Memphis, I felt I had that guy in me and that was even before I sang any of the music.”

Sometimes, he admits, he’s wrong. Not with the jobs he’s gotten, but with the ones that he didn’t get where he tried and wasn’t cast. For example, he points to Hedwig and the Angry Inch. “I sing the [expletive] out of that music, and I thought that character was in me, and maybe it is, but at the time I auditioned, I just couldn’t find her well enough to nail it,” Pascal said. “Sometimes you want something a certain way, and it just isn’t. But then again isn’t that life?”

Having originated both Roger in Rent and Radames in Aida, Pascal said that it’s not important at all for him to be in another new musical; he just wants the security of having a job and to be out on stage performing, and quite frankly, that comes more from taking over a role in a show that’s already successful.

“There’s certainly something artistically exciting about creating a new character and being a template for something that could theoretically go on for a long time, like Rent did, but it’s a lot of pressure,” he said. “I don’t do well with worrying about whether I’m going to get a Tony nomination or if the show is going to succeed. Of course, I would love to win a Tony, but it gives me so much anxiety.”

Second Act

Pascal also is currently recording demos for a prominent Broadway composer on a new musical, and while he can’t reveal details yet, he does hint that the role will allow him to live out those early rock dreams, as the show has something of an Almost Famous vibe, looking at a rock band from the ’70s.

He’d love nothing more for this to come to Broadway one day.

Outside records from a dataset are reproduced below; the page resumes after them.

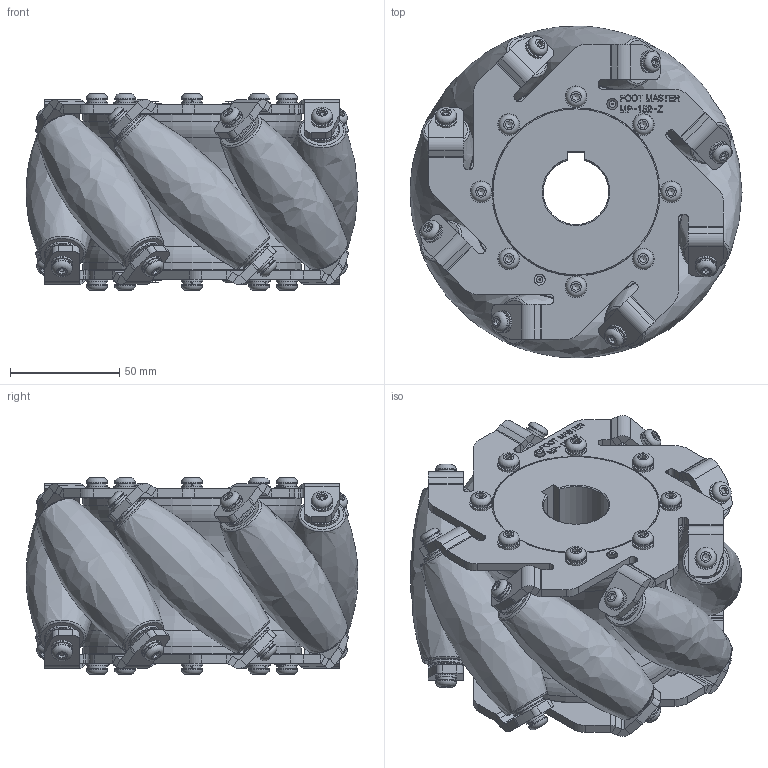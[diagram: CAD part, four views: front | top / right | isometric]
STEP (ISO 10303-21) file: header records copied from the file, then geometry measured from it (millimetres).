
FILE_DESCRIPTION(/* description */ (''),/* implementation_level */ '2;1');
FILE_NAME(/* name */ 'Y:\1.기술연구소\2.연구개발 진행중\122.Mecanum Wheel_2024.11.22\MECHANUM WHEEL MDWP-176-90\04. 전송파일\영업부\20250904\MP-152-Z-HUD.stp',/* time_stamp */ '2025-09-05T11:22:01+09:00',/* author */ ('장용하'),/* organization */ (''),/* preprocessor_version */ 'ST-DEVELOPER v18.1',/* originating_system */ 'Autodesk Inventor 2021',/* authorisation */ '');
FILE_SCHEMA (('AUTOMOTIVE_DESIGN { 1 0 10303 214 3 1 1 }'));
Products named in the file (1): MP-152-Z-HUD
Bounding box: 152 x 152 x 90.1 mm (x, y, z)
Volume: 969124.5 mm3; surface area: 152402.7 mm2
Topology: 1 solids, 1 shells, 2153 faces, 5926 edges, 3907 vertices
Faces by surface type: plane 991, bspline 608, cylinder 393, torus 99, cone 62
Full cylindrical faces by diameter (mm): 5 x36, 5.3 x32, 9.5 x32, 10 x32, 12 x16, 16 x16, 77 x2, 100 x2
Entity records: 70231 total; most frequent: CARTESIAN_POINT 18627, ORIENTED_EDGE 11780, DIRECTION 9256, EDGE_CURVE 5890, VERTEX_POINT 3907, AXIS2_PLACEMENT_3D 3280, LINE 2696, VECTOR 2696
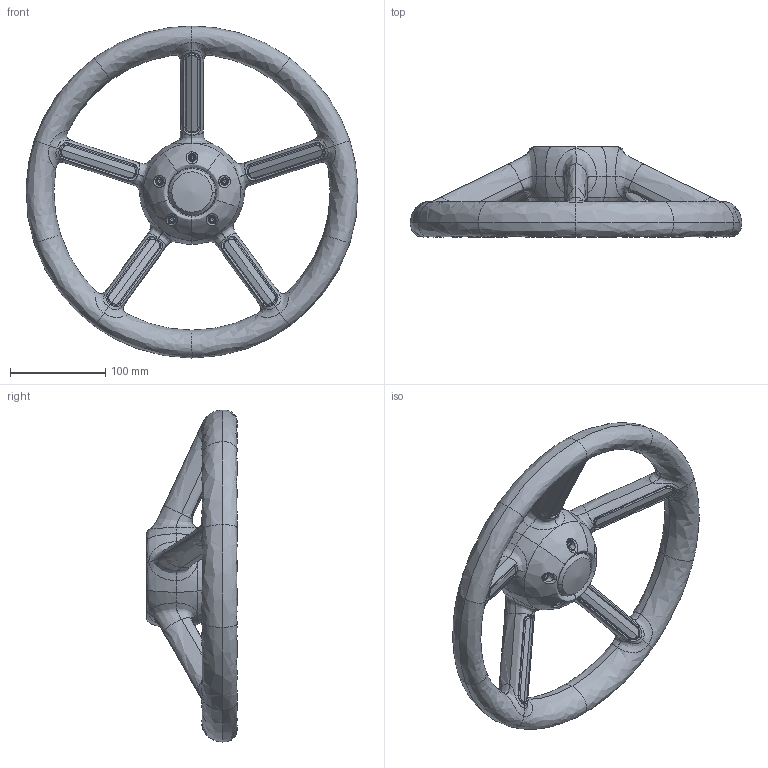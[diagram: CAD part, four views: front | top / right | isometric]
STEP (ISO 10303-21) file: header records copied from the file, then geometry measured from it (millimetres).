
FILE_DESCRIPTION(/* description */ (''),/* implementation_level */ '2;1');
FILE_NAME(/* name */ '3D per configuratore - V56',/* time_stamp */ '2021-02-09T10:41:36+01:00',/* author */ (''),/* organization */ (''),/* preprocessor_version */ 'ST-DEVELOPER v10',/* originating_system */ '',/* authorisation */ '');
FILE_SCHEMA (('AUTOMOTIVE_DESIGN'));
Length unit declared in the file: millimetre
Products named in the file (1): 1
Bounding box: 349.23 x 94.85 x 349.35 mm (x, y, z)
Surface area: 201340.2 mm2 (no closed solid volume)
Topology: 0 solids, 12 shells, 441 faces, 1138 edges, 682 vertices
Faces by surface type: bspline 345, plane 96
Entity records: 27118 total; most frequent: CARTESIAN_POINT 20494, ORIENTED_EDGE 2101, EDGE_CURVE 1128, B_SPLINE_CURVE_WITH_KNOTS 805, VERTEX_POINT 682, EDGE_LOOP 451, ADVANCED_FACE 441, FACE_OUTER_BOUND 441
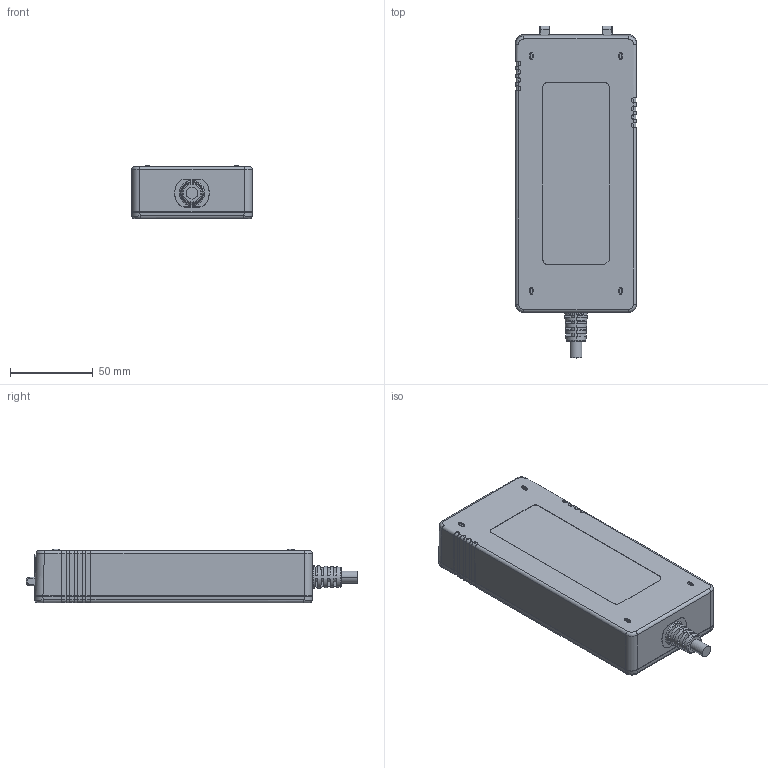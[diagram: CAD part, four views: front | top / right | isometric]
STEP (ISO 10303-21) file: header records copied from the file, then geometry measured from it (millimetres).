
FILE_DESCRIPTION (( 'STEP AP214' ), '1' );
FILE_NAME ('APM240C2-8.STEP', '2025-09-02T02:19:40', ( '' ), ( '' ), 'SwSTEP 2.0', 'SolidWorks 2024', '' );
FILE_SCHEMA (( 'AUTOMOTIVE_DESIGN' ));
Length unit declared in the file: millimetre
Products named in the file (28): APM240D-SRP_ASM_6_ASM_4_ASM_1_2_ASM; LOWER_7_8_12_42_1_12_5_1_17_1_2; APM240D-XP-A0_ASM_9_ASM_1_1_ASM; C8_ASM_ASM; PRT0007_1_1; APM240D-WK_ASM_52_ASM_3_ASM_1_2_ASM; APM240-HSMN_4_1_1_1_1_1_2_1_1_1; APM240C2-8; APM240-PCB-A1_2_1_1_1_1_1_1_1_1; PIN_SZ_1_1_1_1_1_1_1_1_1_1_1; CK04_1_1; APM240C2-8_1; C8-BO1150121_ASM_ASM_1_ASM_1_ASM; C8-BO1150121_ASM_ASM_1_ASM_1_AS_ASM; BO390121_1_ASM_1_1_ASM_1_ASM_1__ASM; APM240D-HS3_12_8_3_1_1_1_1_1__1; SR-JD_3_1_1_1_2_1_1; ASM0001_ASM_1_ASM_1_ASM_1_1_ASM_ASM; APM240D-HS2_17_6_2_1_1_1_1_1__1; APM240D-XP-A0_ASM_ASM_1_1_ASM; 240D-20231114-01_1_1_1_1_1_1__1; BO390121_ASM_1_1_ASM_1_ASM_1_AS_ASM; DB09_1_1_1_1_1_1; 265DZ-LOWER_2_1_1_5_7_3_37_1; C8__ASM_ASM_1_ASM; APM240D-WK20231016_ASM_37_ASM_2_ASM; INLET_C8_1_1_1_1_1_1; APM240D-WK20231031_ASM_21_ASM_1_ASM
Assembly tree (29 placements, depth 10):
  APM240C2-8
    APM240C2-8_1
      APM240D-XP-A0_ASM_ASM_1_1_ASM
        APM240D-XP-A0_ASM_9_ASM_1_1_ASM
          APM240D-WK20231031_ASM_21_ASM_1_ASM
            APM240D-WK20231016_ASM_37_ASM_2_ASM
              APM240D-WK_ASM_52_ASM_3_ASM_1_2_ASM
                APM240D-SRP_ASM_6_ASM_4_ASM_1_2_ASM
                  APM240D-HS2_17_6_2_1_1_1_1_1__1
                  PIN_SZ_1_1_1_1_1_1_1_1_1_1_1  x2
                  APM240D-HS3_12_8_3_1_1_1_1_1__1
              265DZ-LOWER_2_1_1_5_7_3_37_1
              LOWER_7_8_12_42_1_12_5_1_17_1_2
              APM240-HSMN_4_1_1_1_1_1_2_1_1_1
            APM240-PCB-A1_2_1_1_1_1_1_1_1_1
            240D-20231114-01_1_1_1_1_1_1__1
            SR-JD_3_1_1_1_2_1_1
      C8_ASM_ASM
        C8__ASM_ASM_1_ASM
          C8-BO1150121_ASM_ASM_1_ASM_1_ASM
            C8-BO1150121_ASM_ASM_1_ASM_1_AS_ASM
              ASM0001_ASM_1_ASM_1_ASM_1_1_ASM_ASM
                BO390121_ASM_1_1_ASM_1_ASM_1_AS_ASM
                  BO390121_1_ASM_1_1_ASM_1_ASM_1__ASM
                    DB09_1_1_1_1_1_1  x2
            CK04_1_1
            PRT0007_1_1
Bounding box: 73 x 200.86 x 32.3 mm (x, y, z)
Volume: 45710.2 mm3; surface area: 170512.5 mm2
Topology: 11 solids, 21 shells, 3040 faces, 8306 edges, 5464 vertices
Faces by surface type: plane 2310, cylinder 558, cone 90, torus 42, bspline 34, sphere 6
Entity records: 96045 total; most frequent: CARTESIAN_POINT 22323, ORIENTED_EDGE 15794, DIRECTION 14080, EDGE_CURVE 7914, LINE 6226, VECTOR 6226, VERTEX_POINT 5207, AXIS2_PLACEMENT_3D 3927

But Pascal’s got other roles he’s hoping to take a shot at some day as well. “I’d certainly love to play Jean Valjean and I’m sure it’s in my future at some point; I’ve certainly said it out loud enough,” he said. “I’m interested in exploring all sorts of roles—someone like Max from The Producers, Sweeney Todd or the plant from Little Shop of Horrors. I like roles where people might say, ‘really, he’s doing that?’ and then they come see me and they go, ‘he’s so good in that.’ That excites me.”

Being in a transitional phase in his life, Pascal isn’t quite sure what the next few years will bring, but he is excited about what he considers his “second act” of life.

“I’ll certainly be performing Broadway always, that’s a mainstay of my life now until I can’t sing anymore,” he said. “I never know what direction things are going to go. My whole career has been such a wonderful surprise to me, and I’m open to any and all possibilities.”